We presume that GPU cores are hard to organize, which is true. But so is squeezing 100% performance from CPUs. We got to 60% of CPU ⇔ RAM memory bandwidth with all the tuning and tweaking. While even the shortest and simplest GPU solutions got to 79% of GPU ⇔ VRAM bandwidth. The best GPU solution reached 94% of theoretical throughput! More visually:

AttemptBandwidthMax BandwidthSaturationTime to Code
Parallel STL87 GB/s204 GB/s42.6%1m
Best CPU run122 GB/s204 GB/s59.8%60m
Thrust743 GB/s936 GB/s79.4%1m
Custom CUDA817 GB/s936 GB/s87.3%30m
CUB879 GB/s936 GB/s93.9%5m

The “Time to Code” part is highly subjective and is a personal approximation. Still, our best CPU solution is not just slower than GPU code, but also much further from it’s theoretical limit. Counter-intuitive, right?

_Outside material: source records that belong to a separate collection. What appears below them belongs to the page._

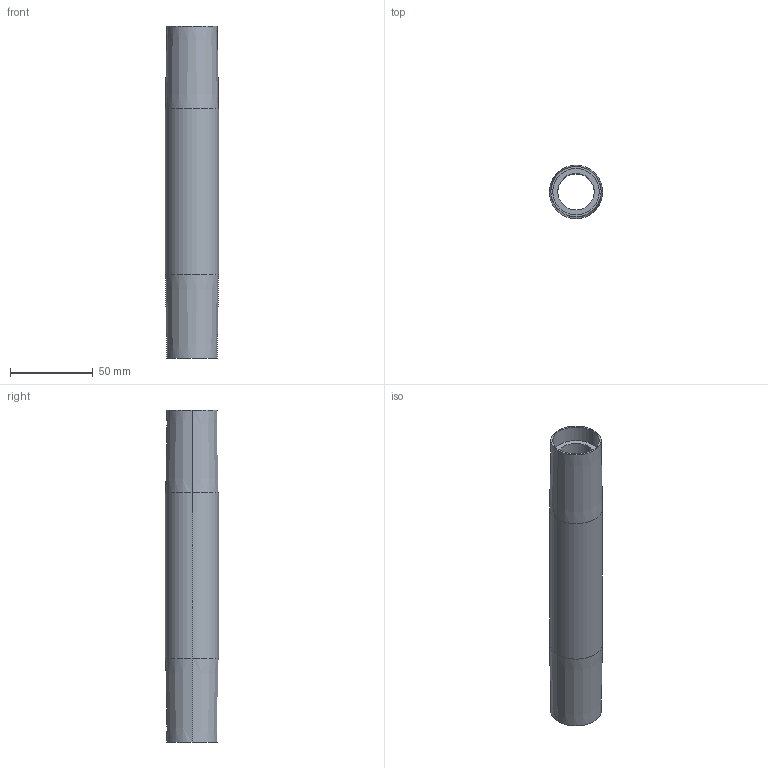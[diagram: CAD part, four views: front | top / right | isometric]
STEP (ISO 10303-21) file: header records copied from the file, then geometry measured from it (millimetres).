
FILE_DESCRIPTION (( 'STEP AP203' ), '1' );
FILE_NAME ('084.801.019.STEP', '2013-01-29T10:39:05', ( 'Alusic' ), ( 'Alusic' ), 'SwSTEP 2.0', 'SolidWorks 2011', '' );
FILE_SCHEMA (( 'CONFIG_CONTROL_DESIGN' ));
Length unit declared in the file: millimetre
Products named in the file (1): 084.801.019
Bounding box: 32 x 32 x 200 mm (x, y, z)
Volume: 75803.4 mm3; surface area: 34711 mm2
Topology: 1 solids, 1 shells, 16 faces, 32 edges, 20 vertices
Faces by surface type: cylinder 8, cone 4, plane 4
Entity records: 505 total; most frequent: DIRECTION 86, CARTESIAN_POINT 69, ORIENTED_EDGE 64, AXIS2_PLACEMENT_3D 37, EDGE_CURVE 32, EDGE_LOOP 20, CIRCLE 20, VERTEX_POINT 20
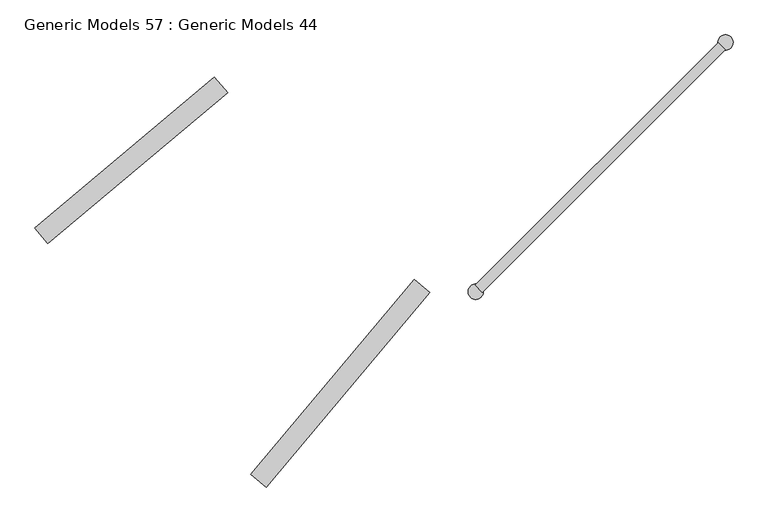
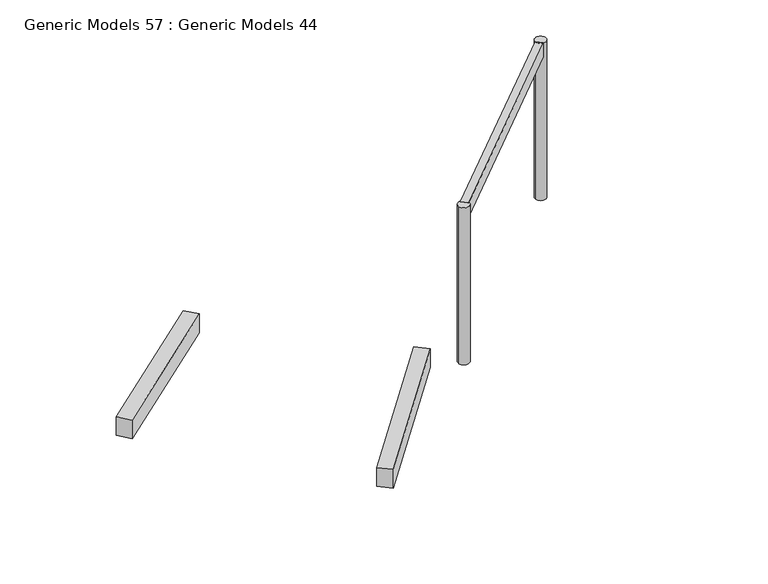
"""IFC4 building model written with IfcOpenShell, lengths in millimetres: proxy geometry, Generic Models 57 : Generic Models 44."""

from ifc_helpers import new_model, si_unit, point, frame, frame_2d, origin, place, context, project, spatial, polyline, circle_curve, trimmed, segment, composite_curve, outline, extrude, source, transform, mapped, element, save


def generic_models_57_generic_models_44_fe493b06(model_context):
    return source(origin(), model_context, "Body", "SweptSolid", [
        extrude(outline(polyline([(-62112.8840403, -35737.0994253), (-62266.0929289, -35608.5419033), (-60655.0655763, -33688.5942681), (-60501.8566877, -33817.1517901), (-62112.8840403, -35737.0994253)])), frame((0.0, 0.0, 42770.0), z_axis=(0.0, 0.0, 1.0), x_axis=(1.0, 0.0, 0.0)), (0.0, 0.0, 1.0), 268.5053554),
        extrude(outline(polyline([(-64261.9108819, -33333.9533005), (-64390.4684038, -33180.7444118), (-62622.1007293, -31696.9077484), (-62493.5432074, -31850.116637), (-64261.9108819, -33333.9533005)])), frame((0.0, 0.0, 42770.0), z_axis=(0.0, 0.0, 1.0), x_axis=(1.0, 0.0, 0.0)), (0.0, 0.0, 1.0), 268.5053554),
        extrude(outline(polyline([(-59984.0743625, -33817.7796088), (-60054.7850406, -33747.0689307), (-57662.0700031, -31354.3538932), (-57591.359325, -31425.0645713), (-59984.0743625, -33817.7796088)])), frame((0.0, 0.0, 44746.1646464), z_axis=(0.0, 0.0, 1.0), x_axis=(1.0, 0.0, 0.0)), (0.0, 0.0, 1.0), 195.4634247),
        extrude(outline(composite_curve([segment(trimmed(circle_curve(frame_2d((-60049.141564, -33810.9678051)), 75.0), [point((-60124.141564, -33810.9678051))], [point((-59974.141564, -33810.9678051))], False, "CARTESIAN"), True, "CONTINUOUS"), segment(trimmed(circle_curve(frame_2d((-60049.141564, -33810.9678051)), 75.0), [point((-59974.141564, -33810.9678051))], [point((-60124.141564, -33810.9678051))], False, "CARTESIAN"), True, "CONTINUOUS")], self_intersect=False)), frame((0.0, 0.0, 42695.9057084), z_axis=(0.0, 0.0, 1.0), x_axis=(1.0, 0.0, 0.0)), (0.0, 0.0, 1.0), 2245.7223627),
        extrude(outline(composite_curve([segment(trimmed(circle_curve(frame_2d((-57588.9528347, -31353.5552475)), 75.0), [point((-57663.9528347, -31353.5552475))], [point((-57513.9528347, -31353.5552475))], False, "CARTESIAN"), True, "CONTINUOUS"), segment(trimmed(circle_curve(frame_2d((-57588.9528347, -31353.5552475)), 75.0), [point((-57513.9528347, -31353.5552475))], [point((-57663.9528347, -31353.5552475))], False, "CARTESIAN"), True, "CONTINUOUS")], self_intersect=False)), frame((0.0, 0.0, 42695.9057084), z_axis=(0.0, 0.0, 1.0), x_axis=(1.0, 0.0, 0.0)), (0.0, 0.0, 1.0), 2245.7223627),
    ])


if __name__ == "__main__":
    model = new_model("IFC4")
    model_context = context("Model", 3, world=origin())
    ifc_project = project(units=[si_unit("LENGTHUNIT", "METRE", prefix="MILLI")], contexts=[model_context])
    site = spatial("IfcSite", under=ifc_project)
    building = spatial("IfcBuilding", under=site)
    placement = place(None, origin())
    generic_models_57_generic_models_44_shape = generic_models_57_generic_models_44_fe493b06(model_context)
    element("IfcBuildingElementProxy", 1, Name="Generic Models 57 : Generic Models 44", ObjectType="Generic Models 57 : Generic Models 44", at=placement, inside=building, context=model_context, shape_type="MappedRepresentation", body=[
        mapped(generic_models_57_generic_models_44_shape, transform((0.0, 0.0, 0.0), x_axis=(1.0, 0.0, 0.0), y_axis=(0.0, 1.0, 0.0), z_axis=(0.0, 0.0, 1.0))),
    ])
    save(model, "model.ifc")
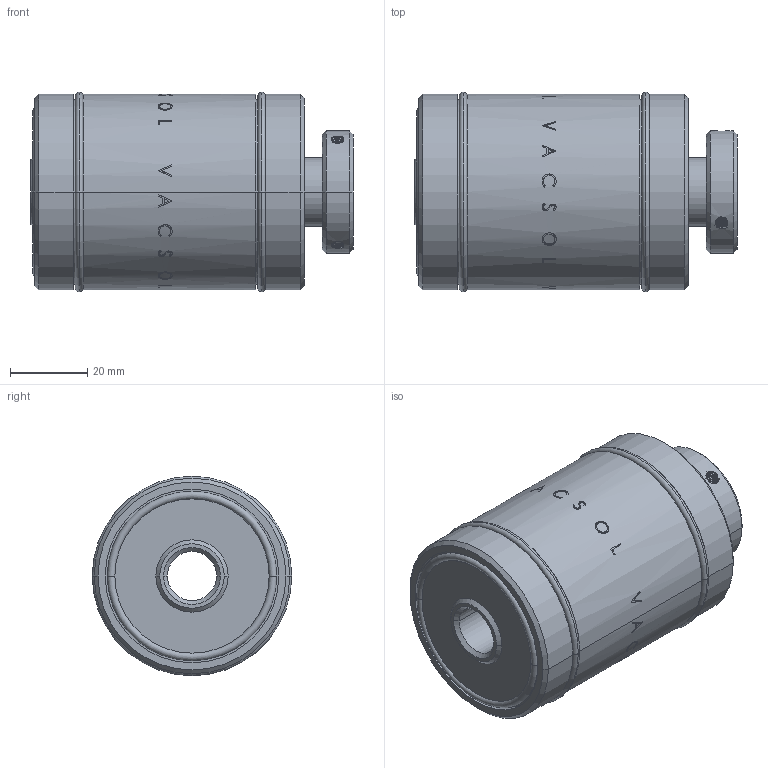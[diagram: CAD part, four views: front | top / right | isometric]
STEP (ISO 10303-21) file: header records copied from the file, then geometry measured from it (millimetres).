
FILE_DESCRIPTION (( 'STEP AP203' ), '1' );
FILE_NAME ('P65010.STEP', '2010-10-11T10:58:08', ( 'user' ), ( '' ), 'SwSTEP 2.0', 'SolidWorks 2007', '' );
FILE_SCHEMA (( 'CONFIG_CONTROL_DESIGN' ));
Length unit declared in the file: millimetre
Products named in the file (1): P65010
Bounding box: 83.55 x 51.75 x 51.75 mm (x, y, z)
Volume: 137256.2 mm3; surface area: 26725.1 mm2
Topology: 4 solids, 4 shells, 407 faces, 1086 edges, 716 vertices
Faces by surface type: bspline 186, cylinder 171, plane 24, cone 14, torus 12
Entity records: 30592 total; most frequent: CARTESIAN_POINT 22652, ORIENTED_EDGE 2172, EDGE_CURVE 1086, DIRECTION 820, VERTEX_POINT 716, B_SPLINE_CURVE_WITH_KNOTS 584, EDGE_LOOP 450, FACE_OUTER_BOUND 407

Everyone knows the PCI Gen4 bandwidth. Everyone knows that rare linear complexity operations aren’t worth transferring to GPUs. But this article isn’t about that.

Moreover, GPU code is becoming composable, just like the CPU code. You don’t even need a custom kernel-fusing compiler, like XLA or TVM. Old school expression templates are more than enough. Thrust gives you enough “fancy” iterators for most cases, and you can easily add your own. The higher the composability, the reasons to port even linear complexity code.


It’s not the first time GPU code ends up being more accessible than the CPU version. Last year I was trying to surpass cuBLAS and oneMKL in GEMM. By now, you might guess how that story developed, but I will leave it for another time.